NVIDIA Blackwell Architecture Dominates MLPerf Training v5.1 Benchmarks

Published on November 12, 2025 at 12:00 AM
NVIDIA Blackwell Architecture Dominates MLPerf Training v5.1 Benchmarks
NVIDIA's Blackwell architecture has demonstrated its prowess by achieving the fastest training times across every MLPerf Training v5.1 benchmark. The results highlight the architecture's ability to accelerate AI model training, driven by innovations at the chip, system, and software levels. MLPerf Training v5.1, the latest iteration of industry benchmarks for AI training performance, assesses the time required to train seven different models to a specified target accuracy. The NVIDIA Blackwell and Blackwell Ultra GPUs powered by the Blackwell architecture, excelled in every benchmark at maximum and various submitted scales. NVIDIA was also the only platform to submit results across all benchmarks. Key highlights from the MLPerf Training v5.1 results include:
  • Llama 3.1 405B Pretraining: Achieved in just 10 minutes using 5,120 Blackwell GPUs.
  • Llama 3.1 8B Pretraining: Completed in 5.2 minutes using 512 Blackwell Ultra GPUs.
  • Llama 2 70B LoRA Fine-tuning: Finished in 0.40 minutes using 512 Blackwell Ultra GPUs.
  • FLUX.1: Trained in 12.5 minutes using 1,152 Blackwell GPUs.
NVIDIA's Blackwell architecture incorporates hardware acceleration for FP4 data formats, including the NVIDIA-designed NVFP4 format.
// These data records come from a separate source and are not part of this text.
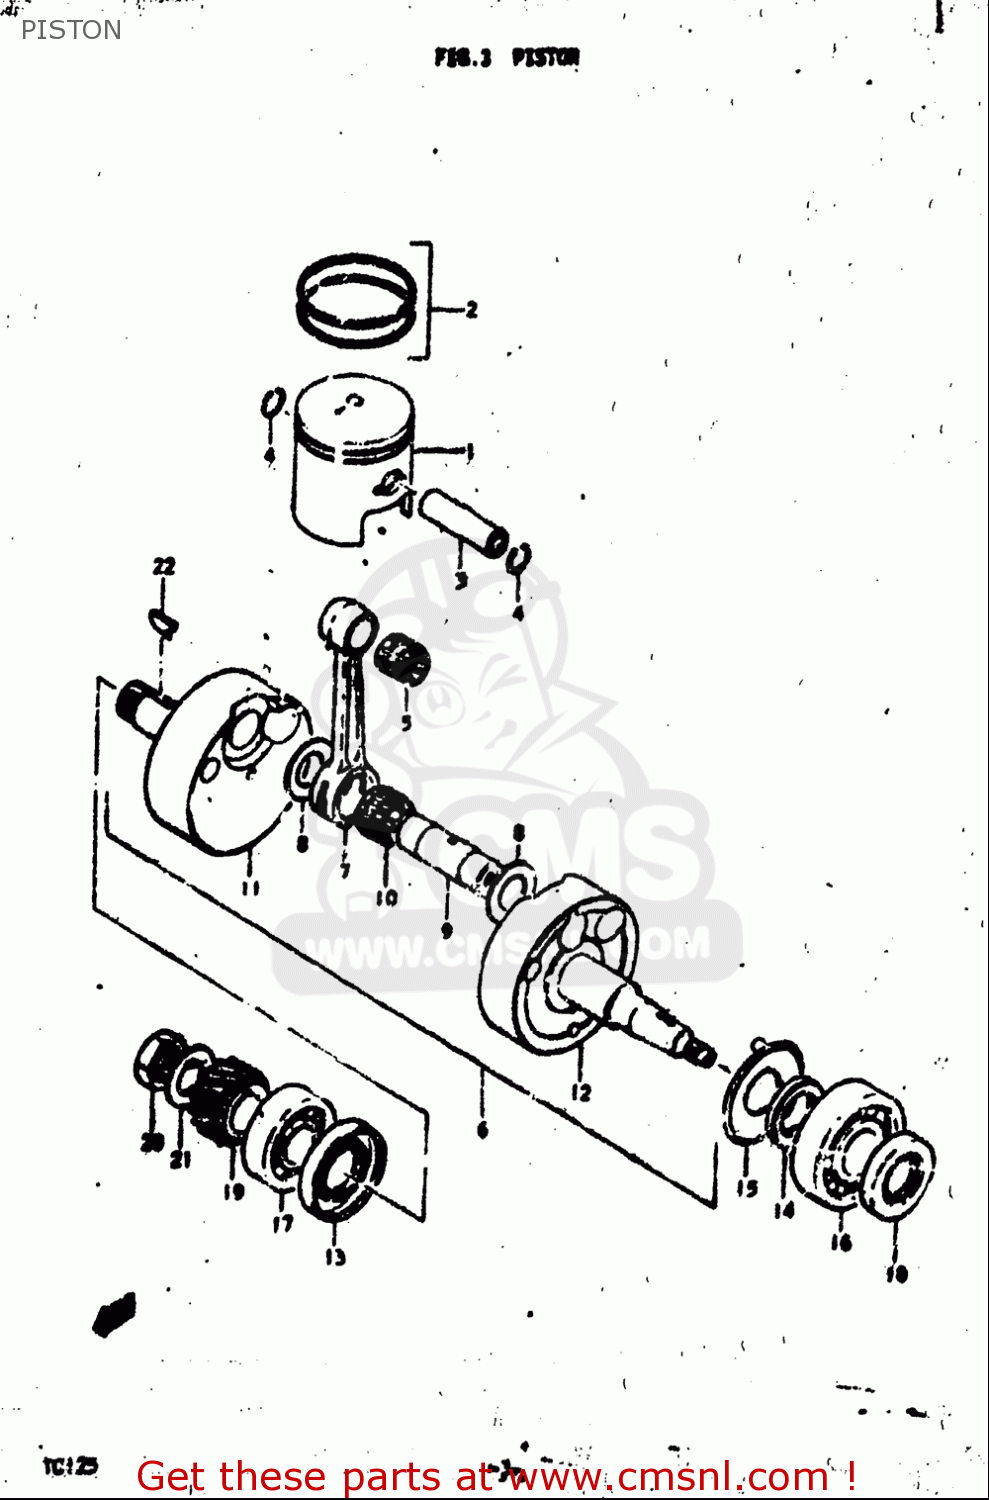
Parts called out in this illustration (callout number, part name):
1	PISTON
2	RING SET,PISTON
3	PIN ,PISTON
4	RING,SNAP 14MM
5	BEARING(14X18X19.8)
7	ROD,CONNECTING
8	WASHER(19X32X1)
9	PIN,CRANK
10	BEARING(19X25X16)
13	SEAL,OIL(26X52X8)
14	SPACER
16	BEARING(25X62X17)
17	BEARING(20X52X15)
18	SEAL,OIL(25X44X7)
20	NUT
21	WASHER
22	KEY

Blackwell GPUs offer twice the peak FP4 throughput per clock compared to FP8, while Blackwell Ultra GPUs increase this to three times that of FP8. According to the paper "Pretraining Large Language Models with NVFP4", NVFP4 provides better accuracy with the same number of tokens or achieves equivalent accuracy with significantly fewer tokens compared to MXFP4. The Blackwell Ultra GPUs feature several enhancements:
  • 1.5x Peak NVFP4 Throughput: Updated Tensor Cores increase FP4 throughput per clock by 1.5x compared to Blackwell GPUs.
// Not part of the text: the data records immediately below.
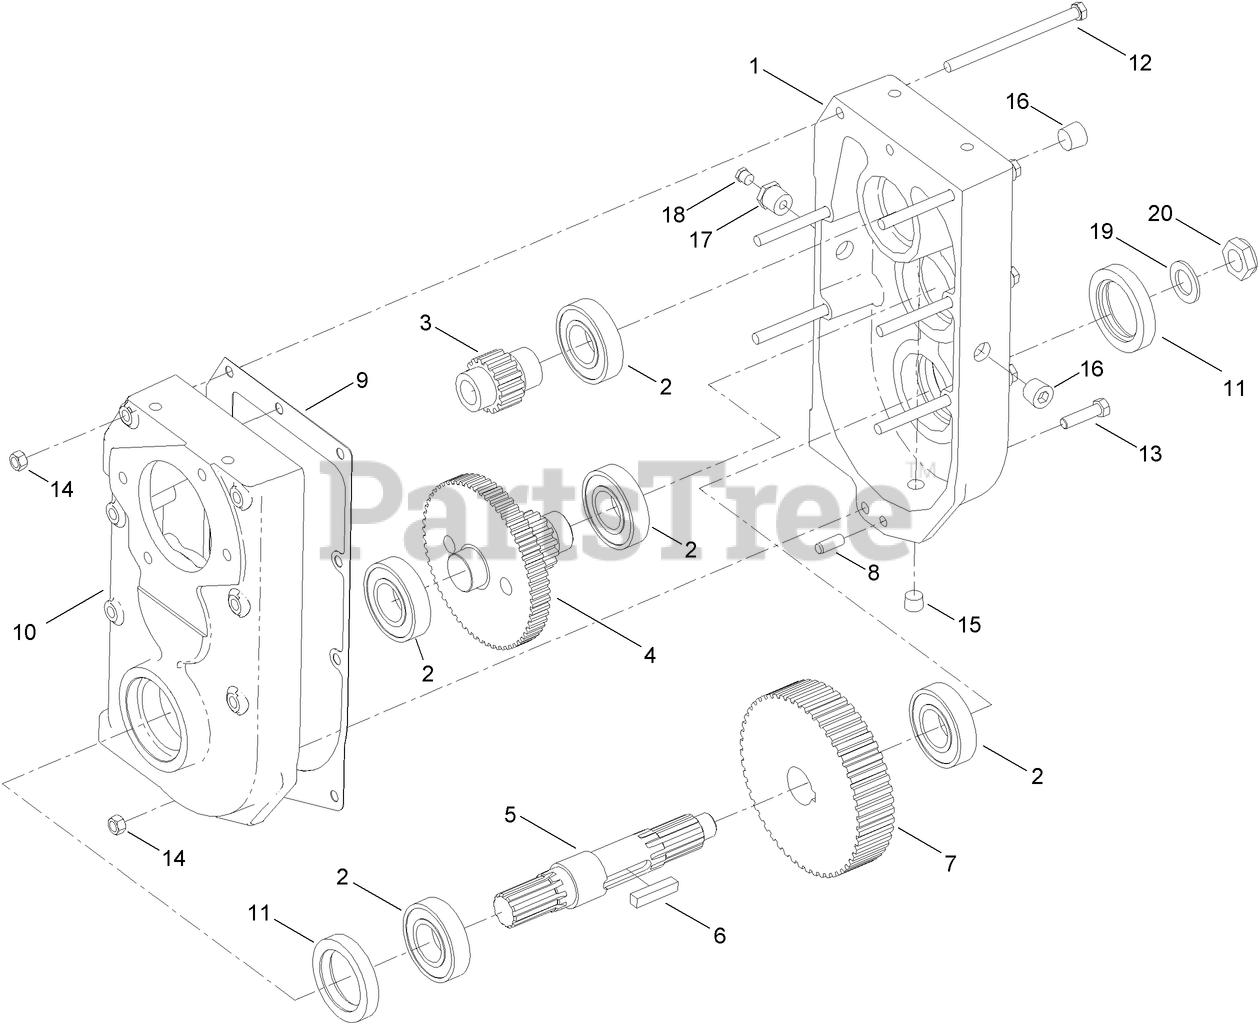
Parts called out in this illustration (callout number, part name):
1	CASE-GEAR
2	BEARING
3	GEAR-MOTOR, 18 TEETH
4	GEAR-CLUSTER, 59/15 TEETH
5	SHAFT-OUTPUT
6	KEY-SQUARE
7	GEAR-REDUCTION, 51 TEETH
8	PIN-DOWEL
10	CASE-GEAR
11	SEAL-OIL
12	SCREW-HH
13	SCREW-HH
15	FITTING-HYD
16	PLUG-PIPE, HEX SOCKET
17	FITTING-STRAIGHT
20	NUT-LOCK, NI

  • 2x Softmax for Attention: Upgraded special function unit (SFU) provides 2x accelerated throughput for key softmax operations.
  • 1.5x Larger HBM3e Capacity: Higher-capacity HBM3e stacks (12-Hi compared to 8-Hi) enable fitting the entire Llama 2 70B LoRA model in one GPU, eliminating CPU offloading and model-parallel communication overheads.
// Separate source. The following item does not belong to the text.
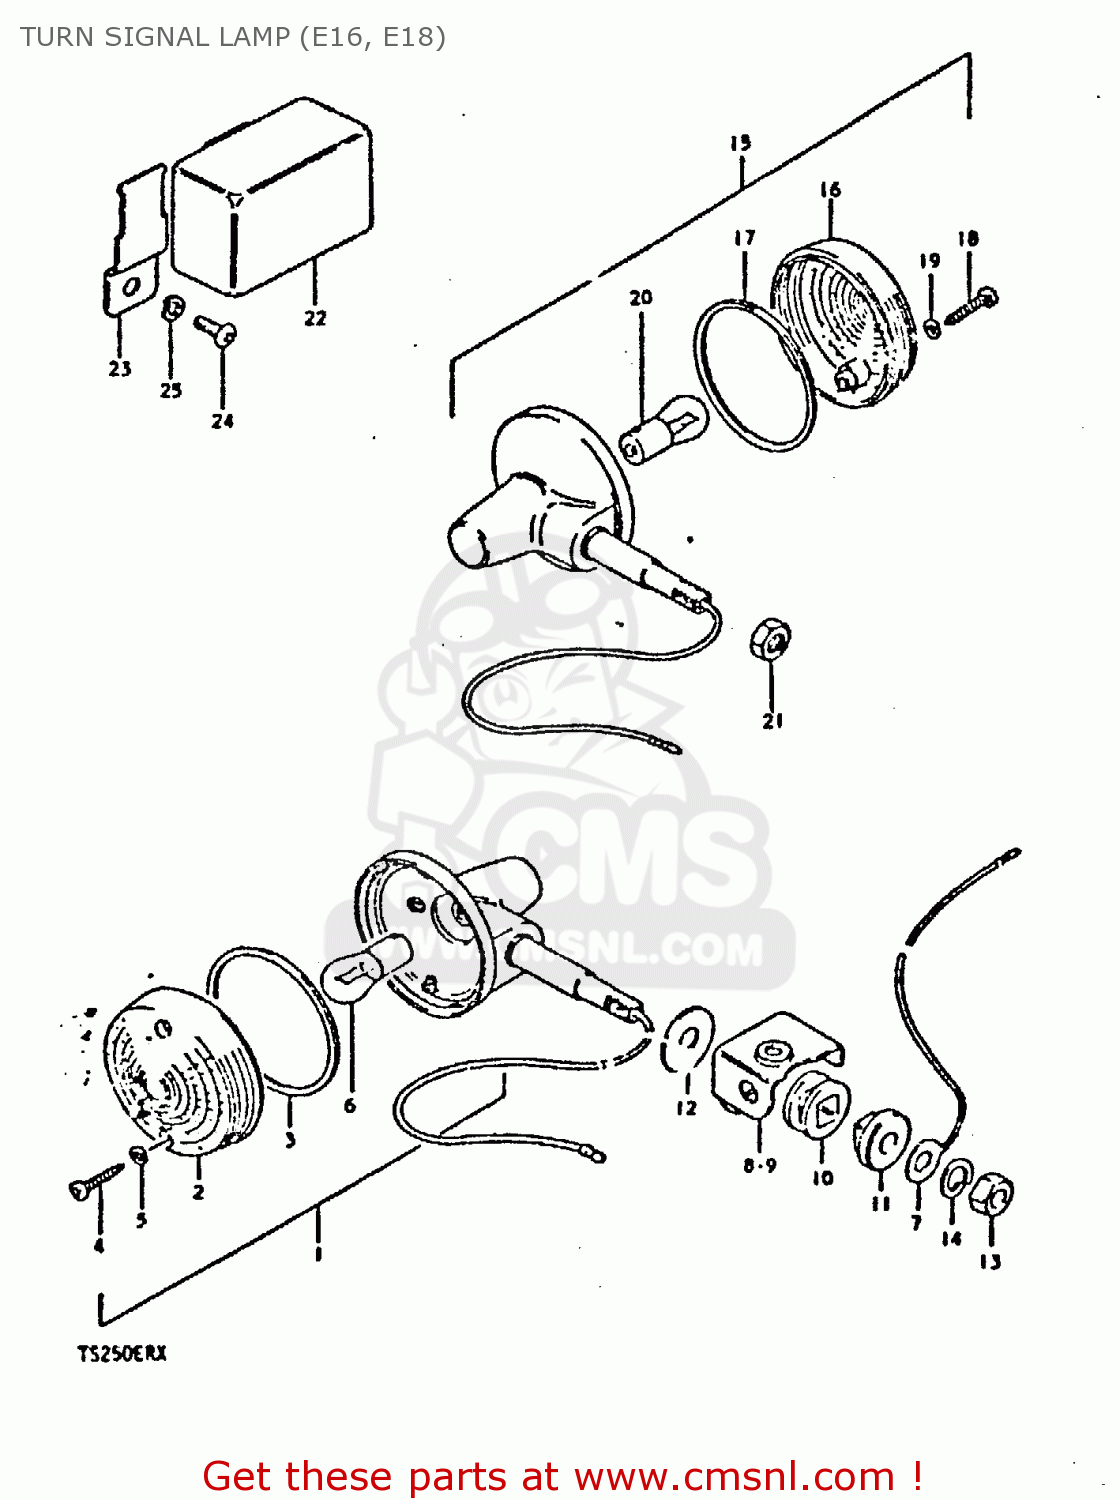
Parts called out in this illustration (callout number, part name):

NVIDIA also leveraged the NVIDIA Quantum-X800 networking platform, featuring NVIDIA ConnectX-8 SuperNICs, NVIDIA Quantum-X800 InfiniBand switches, and NVIDIA LinkX cables, to connect the GB300 NVL72 racks forming the Theia cluster. This marked the industry’s first 800 Gb/s networking submission to MLPerf Training. Software optimizations also played a crucial role. For the Llama 3.1 8B pretraining benchmark, NVIDIA used FP8 precision for the attention BMM inputs, resulting in up to 1.3x better performance in the attention kernel compared to BF16 precision. Other optimizations included a fused RoPE kernel in Transformer Engine and avoiding device-to-device memory copies.